Problem requirements:
Search the material for "radius" and copy each line in which it is found.

Dataset content:
******
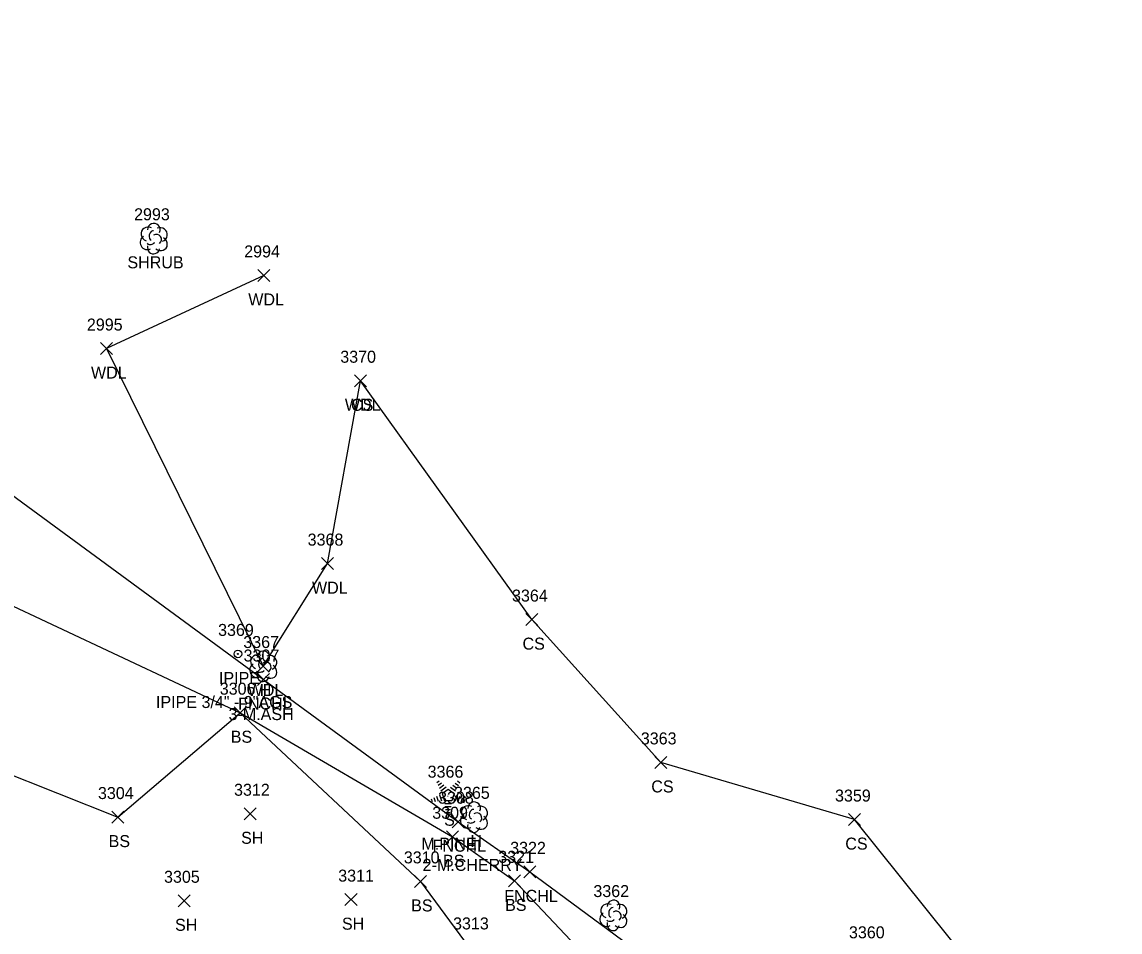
# Model space of a CAD drawing. Extents: x 1477930 to 1480780, y 774090 to 784647.
# Drawn here: x 1479682.6 to 1479865.5, y 775005.2 to 775156.7 of the extents above; entities that cross this region are included whole.
import ezdxf

# ---------------------------------------------------------------- set-up
doc = ezdxf.new("R2010")
doc.units = 0
for name, color, linetype in [('L_A', 7, 'Continuous'), ('L_C', 7, 'Continuous'), ('L_I', 7, 'Continuous'), ('L_TIC', 7, 'Continuous'), ('LAWA', 7, 'Continuous'), ('LELB', 7, 'Continuous'), ('LFNC', 7, 'Continuous'), ('LSH', 7, 'Continuous'), ('LTC', 7, 'Continuous'), ('LTD', 7, 'Continuous'), ('M_A', 7, 'Continuous'), ('M_C', 7, 'Continuous'), ('M_I', 7, 'Continuous'), ('MPIP', 7, 'Continuous')]:
    doc.layers.add(name, color=color, linetype=linetype)

msp = doc.modelspace()

# ---------------------------------------------------------------- linework, layer by layer
at = {"layer": 'L_TIC'}
for points in [[(1479721.85, 775113.5), (1479723.85, 775115.5)], [(1479723.85, 775113.5), (1479721.85, 775115.5)], [(1479695.65, 775101.32), (1479697.65, 775103.32)], [(1479697.65, 775101.32), (1479695.65, 775103.32)], [(1479737.94, 775095.96), (1479739.94, 775097.96)], [(1479739.94, 775095.96), (1479737.94, 775097.96)], [(1479737.94, 775095.96), (1479739.94, 775097.96)], [(1479739.94, 775095.96), (1479737.94, 775097.96)], [(1479732.46, 775065.51), (1479734.46, 775067.51)], [(1479734.46, 775065.51), (1479732.46, 775067.51)], [(1479766.51, 775056.19), (1479768.51, 775058.19)], [(1479768.51, 775056.19), (1479766.51, 775058.19)], [(1479721.75, 775048.46), (1479723.75, 775050.46)], [(1479723.75, 775048.46), (1479721.75, 775050.46)], [(1479721.83, 775046.21), (1479723.83, 775048.21)], [(1479723.83, 775046.21), (1479721.83, 775048.21)], [(1479717.91, 775040.69), (1479719.91, 775042.69)], [(1479719.91, 775040.69), (1479717.91, 775042.69)], [(1479717.91, 775040.69), (1479719.91, 775042.69)], [(1479719.91, 775040.69), (1479717.91, 775042.69)], [(1479787.96, 775032.41), (1479789.96, 775034.41)], [(1479789.96, 775032.41), (1479787.96, 775034.41)], [(1479697.57, 775023.31), (1479699.57, 775025.31)], [(1479699.57, 775023.31), (1479697.57, 775025.31)], [(1479719.6, 775023.86), (1479721.6, 775025.86)], [(1479721.6, 775023.86), (1479719.6, 775025.86)], [(1479754.21, 775022.54), (1479756.21, 775024.54)], [(1479756.21, 775022.54), (1479754.21, 775024.54)], [(1479820.27, 775022.89), (1479822.27, 775024.89)], [(1479822.27, 775022.89), (1479820.27, 775024.89)], [(1479753.26, 775020.03), (1479755.26, 775022.03)], [(1479755.26, 775020.03), (1479753.26, 775022.03)], [(1479766.15, 775014.19), (1479768.15, 775016.19)], [(1479768.15, 775014.19), (1479766.15, 775016.19)], [(1479747.96, 775012.6), (1479749.96, 775014.6)], [(1479749.96, 775012.6), (1479747.96, 775014.6)], [(1479763.61, 775012.69), (1479765.61, 775014.69)], [(1479765.61, 775012.69), (1479763.61, 775014.69)], [(1479708.58, 775009.37), (1479710.58, 775011.37)], [(1479710.58, 775009.37), (1479708.58, 775011.37)], [(1479736.38, 775009.56), (1479738.38, 775011.56)], [(1479738.38, 775009.56), (1479736.38, 775011.56)]]:
    msp.add_lwpolyline(points, dxfattribs=at)
at = {"layer": 'LAWA'}
msp.add_lwpolyline([(1479722.85, 775114.5), (1479696.65, 775102.32), (1479722.75, 775049.46), (1479733.46, 775066.51), (1479738.94, 775096.96)], dxfattribs=at)
at = {"layer": 'LELB'}
for points in [[(1479852.61, 774954.17), (1479865.47, 774968.61), (1479841.07, 774999.2), (1479821.27, 775023.89), (1479788.96, 775033.41), (1479767.51, 775057.19), (1479738.94, 775096.96)], [(1479643.43, 775043.81), (1479621.65, 775068.67), (1479633.5, 775077.11), (1479649.67, 775076.19), (1479678.22, 775060.75), (1479718.91, 775041.69), (1479754.26, 775021.03), (1479764.61, 775013.69), (1479779.59, 774997.82), (1479805.7, 774976.93)], [(1479668.33, 775036.3), (1479698.57, 775024.31), (1479718.91, 775041.69), (1479748.96, 775013.6), (1479757.07, 775002.6), (1479740.47, 774996.88), (1479735.8, 774983.7), (1479755.88, 774968.41), (1479775.22, 774977.03), (1479774.74, 774993.55), (1479805.7, 774976.93), (1479821.61, 774966.07), (1479839.92, 774951.74)]]:
    msp.add_lwpolyline(points, dxfattribs=at)
at = {"layer": 'LFNC'}
msp.add_lwpolyline([(1479575.18, 775156.7), (1479581.47, 775151.49), (1479610.54, 775129.98), (1479635.93, 775111.06), (1479670.34, 775085.66), (1479722.83, 775047.21), (1479755.21, 775023.54), (1479767.15, 775015.19), (1479810.87, 774982.94), (1479827.31, 774970.66), (1479838.7, 774961.65), (1479841.69, 774958.43)], dxfattribs=at)
at = {"layer": 'LSH'}
msp.add_line((1479704.51, 775120.68), (1479704.51, 775120.68), dxfattribs=at)
msp.add_line((1479704.51, 775120.68), (1479704.51, 775120.68), dxfattribs=at)
msp.add_arc((1479704.55, 775122.11), 1.05, 335.5272, 180.9563, dxfattribs=at)
for centre, major_axis, ratio, start_param, end_param in [((1479703.71, 775121.35), (1.21, -0.51), 0.895232, 1.570796, 4.712389), ((1479705.55, 775121.26), (-1.14, -0.48), 0.949671, 1.570796, 4.712389), ((1479703.42, 775119.97), (0.58, -1.04), 0.959034, 3.141593, 6.283185), ((1479704.3, 775121.14), (-0.208, -0.792), 0.645439, 3.141593, 6.283185), ((1479705.01, 775120.51), (-0.5, 0.667), 0.989748, 3.141593, 6.283185), ((1479705.51, 775119.85), (-1.09, 0.79), 0.841452, 1.570796, 4.712389), ((1479704.51, 775119.18), (0.26, 1.06), 0.942809, 1.570796, 4.712389), ((1479704.05, 775119.93), (-0.625, -0.083), 0.423636, 0, 3.141593)]:
    msp.add_ellipse(centre, major_axis=major_axis, ratio=ratio, start_param=start_param, end_param=end_param, dxfattribs=at)
at = {"layer": 'LTC'}
for p, q in [((1479751.7, 775030.08), (1479752.05, 775030.34)), ((1479751.91, 775029.62), (1479752.44, 775030)), ((1479752.12, 775029.15), (1479752.82, 775029.66)), ((1479752.33, 775028.68), (1479753.21, 775029.32)), ((1479752.55, 775028.23), (1479753.56, 775028.96)), ((1479753.56, 775028.96), (1479754.56, 775028.24)), ((1479753.98, 775029.28), (1479754.79, 775028.69)), ((1479754.35, 775029.62), (1479755.03, 775029.13)), ((1479754.73, 775029.97), (1479755.28, 775029.57)), ((1479755.1, 775030.32), (1479755.52, 775030.02)), ((1479750.73, 775027.36), (1479750.88, 775026.89)), ((1479751.19, 775027.58), (1479751.4, 775026.93)), ((1479751.64, 775027.79), (1479751.91, 775026.96)), ((1479752.1, 775028.01), (1479752.43, 775026.99)), ((1479752.55, 775028.23), (1479752.94, 775027.04)), ((1479754.17, 775027.04), (1479752.94, 775027.04)), ((1479754.56, 775028.24), (1479754.17, 775027.04)), ((1479755, 775027.97), (1479754.66, 775026.93)), ((1479755.44, 775027.72), (1479755.16, 775026.83)), ((1479755.89, 775027.47), (1479755.65, 775026.74)), ((1479756.33, 775027.22), (1479756.14, 775026.64)), ((1479754.13, 775026.54), (1479752.99, 775026.54)), ((1479754.05, 775026.04), (1479753.06, 775026.04)), ((1479753.96, 775025.54), (1479753.13, 775025.54)), ((1479753.88, 775025.04), (1479753.2, 775025.04))]:
    msp.add_line(p, q, dxfattribs=at)
at = {"layer": 'LTD'}
for p, q in [((1479722.75, 775049.46), (1479722.75, 775049.46)), ((1479722.75, 775049.46), (1479722.75, 775049.46)), ((1479757.84, 775024.35), (1479757.84, 775024.35)), ((1479757.84, 775024.35), (1479757.84, 775024.35)), ((1479781.06, 775007.99), (1479781.06, 775007.99)), ((1479781.06, 775007.99), (1479781.06, 775007.99))]:
    msp.add_line(p, q, dxfattribs=at)
for centre in [(1479722.79, 775050.89), (1479757.89, 775025.78), (1479781.1, 775009.42)]:
    msp.add_arc(centre, 1.05, 335.5272, 180.9563, dxfattribs=at)
for centre, major_axis, ratio, start_param, end_param in [((1479721.95, 775050.12), (1.21, -0.51), 0.895232, 1.570796, 4.712389), ((1479722.54, 775049.92), (-0.208, -0.792), 0.645439, 3.141593, 6.283185), ((1479723.79, 775050.04), (-1.14, -0.48), 0.949671, 1.570796, 4.712389), ((1479721.66, 775048.75), (0.58, -1.04), 0.959034, 3.141593, 6.283185), ((1479723.25, 775049.29), (-0.5, 0.667), 0.989748, 3.141593, 6.283185), ((1479723.75, 775048.63), (-1.09, 0.79), 0.841452, 1.570796, 4.712389), ((1479722.75, 775047.96), (0.26, 1.06), 0.942809, 1.570796, 4.712389), ((1479722.29, 775048.71), (-0.625, -0.083), 0.423636, 0, 3.141593), ((1479757.05, 775025.01), (1.21, -0.51), 0.895232, 1.570796, 4.712389), ((1479757.64, 775024.8), (-0.208, -0.792), 0.645439, 3.141593, 6.283185), ((1479758.89, 775024.93), (-1.14, -0.48), 0.949671, 1.570796, 4.712389), ((1479756.76, 775023.64), (0.58, -1.04), 0.959034, 3.141593, 6.283185), ((1479757.39, 775023.6), (-0.625, -0.083), 0.423636, 0, 3.141593), ((1479758.34, 775024.18), (-0.5, 0.667), 0.989748, 3.141593, 6.283185), ((1479758.84, 775023.51), (-1.09, 0.79), 0.841452, 1.570796, 4.712389), ((1479757.84, 775022.85), (0.26, 1.06), 0.942809, 1.570796, 4.712389), ((1479780.27, 775008.65), (1.21, -0.51), 0.895232, 1.570796, 4.712389), ((1479780.85, 775008.44), (-0.208, -0.792), 0.645439, 3.141593, 6.283185), ((1479781.56, 775007.82), (-0.5, 0.667), 0.989748, 3.141593, 6.283185), ((1479782.1, 775008.57), (-1.14, -0.48), 0.949671, 1.570796, 4.712389), ((1479779.97, 775007.28), (0.58, -1.04), 0.959034, 3.141593, 6.283185), ((1479780.6, 775007.24), (-0.625, -0.083), 0.423636, 0, 3.141593), ((1479782.06, 775007.15), (-1.09, 0.79), 0.841452, 1.570796, 4.712389), ((1479781.06, 775006.49), (0.26, 1.06), 0.942809, 1.570796, 4.712389)]:
    msp.add_ellipse(centre, major_axis=major_axis, ratio=ratio, start_param=start_param, end_param=end_param, dxfattribs=at)
at = {"layer": 'MPIP'}
for radius in [0.625, 0.0833]:
    msp.add_circle((1479718.55, 775051.47), radius, dxfattribs=at)

# ---------------------------------------------------------------- texts
at = {"layer": 'L_A'}
for s, p in [('SHRUB', (1479700.14, 775115.68)), ('WDL', (1479720.27, 775109.5)), ('WDL', (1479694.07, 775097.32)), ('WDL', (1479736.36, 775091.96)), ('CS', (1479737.38, 775091.96)), ('WDL', (1479730.88, 775061.51)), ('CS', (1479765.95, 775052.19)), ('WDL', (1479720.16, 775044.46)), ('H', (1479722.18, 775044.46)), ('FNCHL', (1479718.58, 775042.21)), ('BS', (1479717.35, 775036.69)), ('BS', (1479717.35, 775036.69)), ('CS', (1479787.4, 775028.41)), ('S', (1479752.89, 775022.87)), ('SH', (1479719.08, 775019.86)), ('BS', (1479697.01, 775019.31)), ('FNCHL', (1479750.96, 775018.54)), ('H', (1479757.28, 775019.35)), ('CS', (1479819.71, 775018.89)), ('BS', (1479752.7, 775016.03)), ('BS', (1479747.4, 775008.6)), ('FNCHL', (1479762.9, 775010.19)), ('BS', (1479763.05, 775008.69)), ('SH', (1479708.07, 775005.37)), ('SH', (1479735.87, 775005.56))]:
    msp.add_text(s, height=2, dxfattribs=at).set_placement(p)
at = {"layer": 'L_C'}
for s, p in [('3-M.ASH', (1479716.98, 775040.46)), ('M.PINE', (1479749.11, 775018.87)), ('2-M.CHERRY', (1479749.31, 775015.35))]:
    msp.add_text(s, height=2, dxfattribs=at).set_placement(p)
at = {"layer": 'L_I'}
for s, p in [('2993', (1479701.25, 775123.68)), ('2994', (1479719.59, 775117.5)), ('2995', (1479693.39, 775105.32)), ('3370', (1479735.59, 775099.96)), ('3370', (1479735.59, 775099.96)), ('3368', (1479730.16, 775069.51)), ('3364', (1479764.2, 775060.19)), ('3367', (1479719.44, 775052.46)), ('3367', (1479719.44, 775052.46)), ('3307', (1479719.49, 775050.21)), ('3306', (1479715.52, 775044.69)), ('3306', (1479715.52, 775044.69)), ('3363', (1479785.65, 775036.41)), ('3366', (1479750.14, 775030.87)), ('3304', (1479695.23, 775027.31)), ('3312', (1479717.9, 775027.86)), ('3365', (1479754.54, 775027.35)), ('3359', (1479818, 775026.89)), ('3308', (1479751.88, 775026.54)), ('3309', (1479750.91, 775024.03)), ('3322', (1479763.89, 775018.19)), ('3310', (1479746.18, 775016.6)), ('3321', (1479761.91, 775016.69)), ('3305', (1479706.24, 775013.37)), ('3311', (1479735.25, 775013.56)), ('3362', (1479777.75, 775010.99)), ('3313', (1479754.38, 775005.6)), ('3360', (1479820.32, 775004.12))]:
    msp.add_text(s, height=2, dxfattribs=at).set_placement(p)
at = {"layer": 'LTC'}
msp.add_text('.', height=1.04, rotation=270, dxfattribs=at).set_placement((1479753.45, 775027.98))
at = {"layer": 'M_A'}
msp.add_text('IPIPE', height=2, dxfattribs=at).set_placement((1479715.39, 775046.47))
at = {"layer": 'M_C'}
msp.add_text('IPIPE 3/4" - 9"AGS', height=2, dxfattribs=at).set_placement((1479704.9, 775042.47))
at = {"layer": 'M_I'}
msp.add_text('3369', height=2, dxfattribs=at).set_placement((1479715.24, 775054.47))

doc.saveas('drawing.dxf')
******
Solution to this exercise:
for radius in [0.625, 0.0833]:
    msp.add_circle((1479718.55, 775051.47), radius, dxfattribs=at)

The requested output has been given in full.